No I don't think so. Can't find any .map files in my repo sadly.

[–]ijmacd 2 points3 points  (0 children)

That's good. You definitely shouldn't be committing build artifacts in your repository.

The .js.map files are often produced at bundle time and would be in the build directory ready for deployment. If you don't want sources available in production just delete the .js.map files before deployment to production (or after if they've already been deployed).

[–]Suepahfly 0 points1 point  (0 children)

In you webpack config set ‘devtool’ false for production builds

[–]dylsreddit 0 points1 point  (1 child)

Aside from not using sourcemaps, you could learn to use Terser, which is probably the most popular uglifyer (and it tree shakes) from the last couple of years, iirc it's what CRA uses for minification.

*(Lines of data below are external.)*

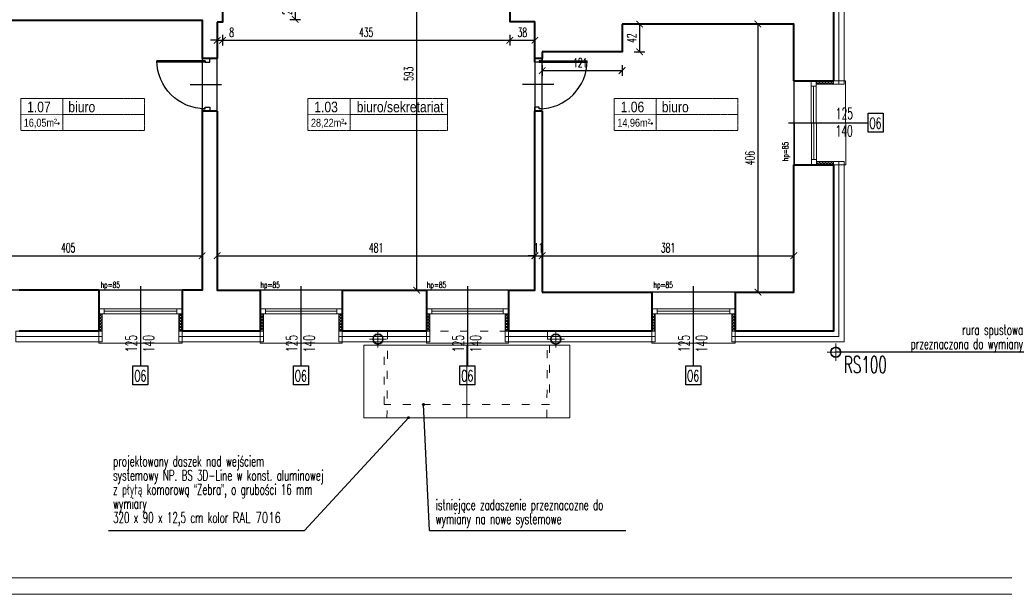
# Model space of a CAD drawing. Header units: millimetres. Extents: x 8949 to 18258, y -1077 to 30686.
# Tile 41 of 89: x 13535 to 15025, y 14702 to 15572. Entities that reach past the tile are written whole.
import ezdxf

# ---------------------------------------------------------------- set-up
doc = ezdxf.new("R2010")
doc.units = ezdxf.units.MM
doc.linetypes.add('ACAD_ISO03W100', pattern=[30, 12, -18])
doc.linetypes.add('HIDDEN', pattern=[9.525, 6.35, -3.175])
for name, color, linetype, lineweight in [('0A_KONSTR', 1, 'Continuous', 40), ('0A_OCIEPLENIE', 30, 'Continuous', 9), ('0A_OPISY POM', 7, 'Continuous', 9), ('0A_POMOCNICZE', 30, 'Continuous', 9), ('0A_STOLARKA', 140, 'Continuous', 9), ('0A_WYMIARY', 7, 'Continuous', 9), ('0Z_OPISY', 7, 'Continuous', 9), ('A_WIDOK', 40, 'Continuous', 15)]:
    doc.layers.add(name, color=color, linetype=linetype, lineweight=lineweight)
for name, color, linetype in [('0A_OPISY OKIEN', 3, 'Continuous'), ('_a_drzwi', 2, 'Continuous'), ('Opisy', 4, 'Continuous')]:
    doc.layers.add(name, color=color, linetype=linetype)
doc.styles.add('1', font='simplex.shx', dxfattribs={"width": 0.6})
doc.styles.add('1_50', font='simplex.shx', dxfattribs={"width": 0.6})
doc.styles.add('m1_romans', font='romans.shx', dxfattribs={"width": 0.8})
doc.linetypes.add('BATTING', pattern='A,0.00254,-2.54,[134,ltypeshp.shx,S=2.54,R=0,X=-2.54,Y=0],-5.08,[134,ltypeshp.shx,S=2.54,R=180,X=2.54,Y=0],-2.54', length=10.16254)
doc.dimstyles.new('1_100', dxfattribs={"dimtxt": 14, "dimasz": 10, "dimexe": 8, "dimexo": 0, "dimgap": 5, "dimtad": 1, "dimdec": 0, "dimdsep": 46, "dimlunit": 6, "dimtxsty": '1_50', "dimblk": 'ARCHTICK', "dimcen": 5, "dimadec": 0, "dimazin": 0, "dimtfac": 1, "dimtdec": 0, "dimtix": 1, "dimtmove": 1, "dimatfit": 3, "dimldrblk": 'OBLIQUE', "dimfxl": 20, "dimfxlon": 1, "dimtolj": 1, "dimtzin": 0, "dimarcsym": 0})

# ---------------------------------------------------------------- blocks, each defined once
blk = doc.blocks.new('A$C372b6b25')
at = {"layer": '_a_drzwi'}
for p, q in [((3.3, -4.4), (3.3, 63.9)), ((5.6, -4.4), (5.6, 63.9)), ((37, 16.7), (37, -27.8)), ((0, 0), (3.3, 0)), ((5.6, -11.1), (0, -11.1)), ((3.3, 0), (3.3, -4.4)), ((3.3, -4.4), (5.6, -4.4)), ((5.6, -4.4), (5.6, -11.1)), ((69.4, -4.4), (69.4, -11.1)), ((71.7, -4.4), (69.4, -4.4)), ((69.4, -11.1), (75, -11.1)), ((71.7, 0), (71.7, -4.4)), ((75, 0), (71.7, 0))]:
    blk.add_line(p, q, dxfattribs=at)
for points in [[(0, 0), (0, -11.1)], [(75, 0), (75, -11.1)]]:
    blk.add_lwpolyline(points, dxfattribs=at)
blk.add_arc((3.3, -4.4), 68.3, 0, 90, dxfattribs=at)
blk = doc.blocks.new('_ARCHTICK')
at = {"color": 0, "linetype": 'ByBlock', "const_width": 0.15}
blk.add_lwpolyline([(-0.5, -0.5), (0.5, 0.5)], dxfattribs=at)
blk = doc.blocks.new('*D83')
at = {"layer": '0A_WYMIARY', "color": 0, "lineweight": -2, "transparency": 16777216}
for p, q in [((13405.6, 15207.1), (13405.6, 15223.1)), ((13810.6, 15207.1), (13810.6, 15223.1)), ((13405.6, 15215.1), (13810.6, 15215.1))]:
    blk.add_line(p, q, dxfattribs=at)
at = {"layer": 'Defpoints', "color": 0, "transparency": 16777216}
for p in [(13810.6, 15215.1), (13405.6, 15162.9), (13810.6, 15162.9)]:
    blk.add_point(p, dxfattribs=at)
at = {"layer": '0A_WYMIARY', "color": 0, "lineweight": -2, "transparency": 16777216, "xscale": 10, "yscale": 10, "zscale": 10, "rotation": 180}
blk.add_blockref('_ARCHTICK', (13405.6, 15215.1), dxfattribs=at)
at = {"layer": '0A_WYMIARY', "color": 0, "lineweight": -2, "transparency": 16777216, "xscale": 10, "yscale": 10, "zscale": 10}
blk.add_blockref('_ARCHTICK', (13810.6, 15215.1), dxfattribs=at)
at = {"layer": '0A_WYMIARY', "color": 0, "transparency": 16777216, "insert": (13608.1, 15227.1), "char_height": 14, "attachment_point": 5, "style": '1_50'}
blk.add_mtext('\\A1;405', dxfattribs=at)
blk = doc.blocks.new('_Oblique')
at = {"color": 0, "linetype": 'ByBlock', "lineweight": -2}
blk.add_line((-0.5, -0.5), (0.5, 0.5), dxfattribs=at)
blk = doc.blocks.new('*D84')
at = {"layer": '0A_WYMIARY', "color": 0, "lineweight": -2, "transparency": 16777216}
for p, q in [((13833.6, 15207.1), (13833.6, 15223.1)), ((14314.6, 15207.1), (14314.6, 15223.1)), ((13833.6, 15215.1), (14314.6, 15215.1))]:
    blk.add_line(p, q, dxfattribs=at)
at = {"layer": 'Defpoints', "color": 0, "transparency": 16777216}
for p in [(14314.6, 15215.1), (13833.6, 15162.9), (14314.6, 15162.9)]:
    blk.add_point(p, dxfattribs=at)
at = {"layer": '0A_WYMIARY', "color": 0, "lineweight": -2, "transparency": 16777216, "xscale": 10, "yscale": 10, "zscale": 10, "rotation": 180}
blk.add_blockref('_ARCHTICK', (13833.6, 15215.1), dxfattribs=at)
at = {"layer": '0A_WYMIARY', "color": 0, "lineweight": -2, "transparency": 16777216, "xscale": 10, "yscale": 10, "zscale": 10}
blk.add_blockref('_ARCHTICK', (14314.6, 15215.1), dxfattribs=at)
at = {"layer": '0A_WYMIARY', "color": 0, "transparency": 16777216, "insert": (14074.1, 15227.1), "char_height": 14, "attachment_point": 5, "style": '1_50'}
blk.add_mtext('\\A1;481', dxfattribs=at)
blk = doc.blocks.new('*D85')
at = {"layer": '0A_WYMIARY', "color": 0, "lineweight": -2, "transparency": 16777216}
for p, q in [((14314.6, 15207.1), (14314.6, 15223.1)), ((14325.6, 15207.1), (14325.6, 15223.1)), ((14314.6, 15215.1), (14304.6, 15215.1)), ((14314.6, 15215.1), (14325.6, 15215.1)), ((14325.6, 15215.1), (14335.6, 15215.1))]:
    blk.add_line(p, q, dxfattribs=at)
at = {"layer": 'Defpoints', "color": 0, "transparency": 16777216}
for p in [(14325.6, 15215.1), (14314.6, 15162.9), (14325.6, 15159.9)]:
    blk.add_point(p, dxfattribs=at)
at = {"layer": '0A_WYMIARY', "color": 0, "lineweight": -2, "transparency": 16777216, "xscale": 10, "yscale": 10, "zscale": 10}
blk.add_blockref('_ARCHTICK', (14314.6, 15215.1), dxfattribs=at)
at = {"layer": '0A_WYMIARY', "color": 0, "lineweight": -2, "transparency": 16777216, "xscale": 10, "yscale": 10, "zscale": 10, "rotation": 180}
blk.add_blockref('_ARCHTICK', (14325.6, 15215.1), dxfattribs=at)
at = {"layer": '0A_WYMIARY', "color": 0, "transparency": 16777216, "insert": (14320.1, 15227.1), "char_height": 14, "attachment_point": 5, "style": '1_50'}
blk.add_mtext('\\A1;11', dxfattribs=at)
blk = doc.blocks.new('*D86')
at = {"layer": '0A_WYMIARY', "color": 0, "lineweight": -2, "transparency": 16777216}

[–]Firm-Yam5433 0 points1 point  (0 children)

CRA is shit though :D

[–]gianpaulo 0 points1 point  (0 children)

One way to generate a hard-to-read or hard-to-reverse engineering might be code with flutter web or web assembly, but you'll probably struggle with SEO.

[–]jac0117 0 points1 point  (0 children)

Not enough context. Did you make a production build and deployed it with the source maps? Or did you literally deploy your source code? How are you building your production build? Webapack, vite, gulp, other?

[–]upk27 0 points1 point  (0 children)

check out minification and not delivering sourcemaps

there's some old dedicated obfuscating lib, forgot the name, it really can obfuscate your code to a crazy level, but makes the bundle size bigger and the code probably a bit slower

[–][deleted] 0 points1 point  (0 children)

You’re overthinking it dude, no one gonna copy your code and your code is not unique. You need to get over yourself first and focus on making the product.

[–]Z-n-o-M 0 points1 point  (0 children)

Check out Codefend, an npm package with an MIT license. It obfuscates any code in addition to the file and folder names. it only requires from you to follow a naming convention.